Gute Nachrichten für den Sport im Heidekreis: Die Sportstättenbauförderung des Landes Niedersachsen bringt auch in diesem Jahr spürbare Unterstützung für die Vereine vor Ort. Wie der hiesige Landtagsabgeordnete Sebastian Zinke (SPD) mitteilt, können die Bewilligungen für die Maßnahmen ab sofort durch die Kreissportbünde erteilt werden.„Dass wir die Mittel für den Sportstättenbau deutlich erhöhen konnten, zahlt sich jetzt konkret aus“, so Zinke.

Landesweit stehen 19,35 Millionen Euro zur Verfügung, insgesamt können 789 Maßnahmen gefördert werden. Auch im Heidekreis werden zahlreiche Projekte unterstützt, die die Sportinfrastruktur nachhaltig verbessern. Dazu zählen unter anderem die Grundsanierung eines Reitplatzes in Alvern, die Installation einer Photovoltaikanlage mit Speicher bei der SG Benefeld-Cordingen sowie der Bau einer Inline-Skating-Bahn und einer Finnenlaufbahn bei der SG Bomlitz-Lönsheide. Ebenso werden Maßnahmen wie die Erneuerung von Flutlichtanlagen in Bad Fallingbostel, Fulde und Neuenkirchen gefördert. Ergänzt wird dies durch Investitionen in Barrierefreiheit, etwa beim Reit- und Fahrverein in Soltau, und durch energetische Sanierungen wie beim SC Tewel. Insgesamt fließen damit Fördermittel in Höhe von deutlich mehr als 150.000 Euro in den Heidekreis.

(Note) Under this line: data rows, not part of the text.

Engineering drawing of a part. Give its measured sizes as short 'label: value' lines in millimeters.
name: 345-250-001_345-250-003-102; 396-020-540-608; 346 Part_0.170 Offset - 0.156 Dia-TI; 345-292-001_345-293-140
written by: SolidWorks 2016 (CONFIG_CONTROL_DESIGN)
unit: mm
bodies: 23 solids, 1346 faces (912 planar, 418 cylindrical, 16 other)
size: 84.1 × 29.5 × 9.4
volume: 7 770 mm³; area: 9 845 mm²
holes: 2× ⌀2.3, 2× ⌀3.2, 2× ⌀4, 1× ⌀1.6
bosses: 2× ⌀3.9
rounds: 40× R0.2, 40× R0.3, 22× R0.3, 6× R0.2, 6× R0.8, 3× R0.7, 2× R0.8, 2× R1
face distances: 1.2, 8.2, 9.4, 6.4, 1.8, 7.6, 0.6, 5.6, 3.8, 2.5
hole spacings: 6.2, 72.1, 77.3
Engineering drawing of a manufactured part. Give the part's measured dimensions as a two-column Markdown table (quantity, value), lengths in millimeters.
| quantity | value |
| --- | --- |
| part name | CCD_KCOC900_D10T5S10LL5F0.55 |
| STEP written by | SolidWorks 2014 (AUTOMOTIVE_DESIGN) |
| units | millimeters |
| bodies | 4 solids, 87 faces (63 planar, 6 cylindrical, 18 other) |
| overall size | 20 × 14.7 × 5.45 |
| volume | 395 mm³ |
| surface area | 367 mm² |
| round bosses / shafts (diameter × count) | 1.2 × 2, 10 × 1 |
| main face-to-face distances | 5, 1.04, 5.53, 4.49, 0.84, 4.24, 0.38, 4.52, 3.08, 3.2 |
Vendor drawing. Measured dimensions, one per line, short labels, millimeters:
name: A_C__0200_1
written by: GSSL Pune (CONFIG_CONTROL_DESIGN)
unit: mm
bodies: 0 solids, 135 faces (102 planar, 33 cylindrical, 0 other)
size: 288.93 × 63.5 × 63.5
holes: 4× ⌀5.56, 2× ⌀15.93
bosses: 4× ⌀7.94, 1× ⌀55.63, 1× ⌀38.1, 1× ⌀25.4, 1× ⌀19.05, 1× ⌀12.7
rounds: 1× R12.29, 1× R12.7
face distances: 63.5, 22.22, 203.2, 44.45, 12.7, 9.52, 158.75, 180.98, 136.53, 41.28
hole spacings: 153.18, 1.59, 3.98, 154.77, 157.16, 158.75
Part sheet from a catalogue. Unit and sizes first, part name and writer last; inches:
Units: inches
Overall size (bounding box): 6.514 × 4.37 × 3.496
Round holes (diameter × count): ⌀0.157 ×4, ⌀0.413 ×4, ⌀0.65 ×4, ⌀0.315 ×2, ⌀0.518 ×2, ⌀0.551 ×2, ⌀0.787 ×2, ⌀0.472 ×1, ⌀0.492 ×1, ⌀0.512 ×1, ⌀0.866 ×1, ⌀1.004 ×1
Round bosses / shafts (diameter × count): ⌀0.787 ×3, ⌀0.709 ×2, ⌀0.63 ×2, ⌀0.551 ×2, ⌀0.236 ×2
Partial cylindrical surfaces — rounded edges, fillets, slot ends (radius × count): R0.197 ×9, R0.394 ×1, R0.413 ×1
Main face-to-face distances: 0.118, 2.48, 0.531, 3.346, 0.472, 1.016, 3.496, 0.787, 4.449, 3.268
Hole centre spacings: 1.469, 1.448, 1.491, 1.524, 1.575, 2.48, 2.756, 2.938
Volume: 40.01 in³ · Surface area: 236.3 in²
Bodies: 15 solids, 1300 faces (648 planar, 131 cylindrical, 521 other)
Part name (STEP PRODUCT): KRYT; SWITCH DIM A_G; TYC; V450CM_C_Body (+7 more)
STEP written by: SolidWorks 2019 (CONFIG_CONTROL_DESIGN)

„Diese Förderung kommt genau da an, wo sie gebraucht wird: bei den Menschen, die sich tagtäglich ehrenamtlich in unseren Vereinen engagieren“, betont Zinke: „Moderne und gut ausgestattete Sportstätten sind die Grundlage für ein lebendiges Vereinsleben – im Kinder- und Jugendsport genauso wie im Breitensport.“

Besonders erfreulich sei, dass die große Mehrheit der Sportbünde landesweit die beantragten Mittel vollständig bewilligen könne. „Nur in wenigen Fällen mussten Kürzungen vorgenommen werden. Das zeigt: Die Entscheidung, die Mittel aufzustocken, war richtig. Davon profitiert auch der Heidekreis ganz konkret“, so Zinke abschließend.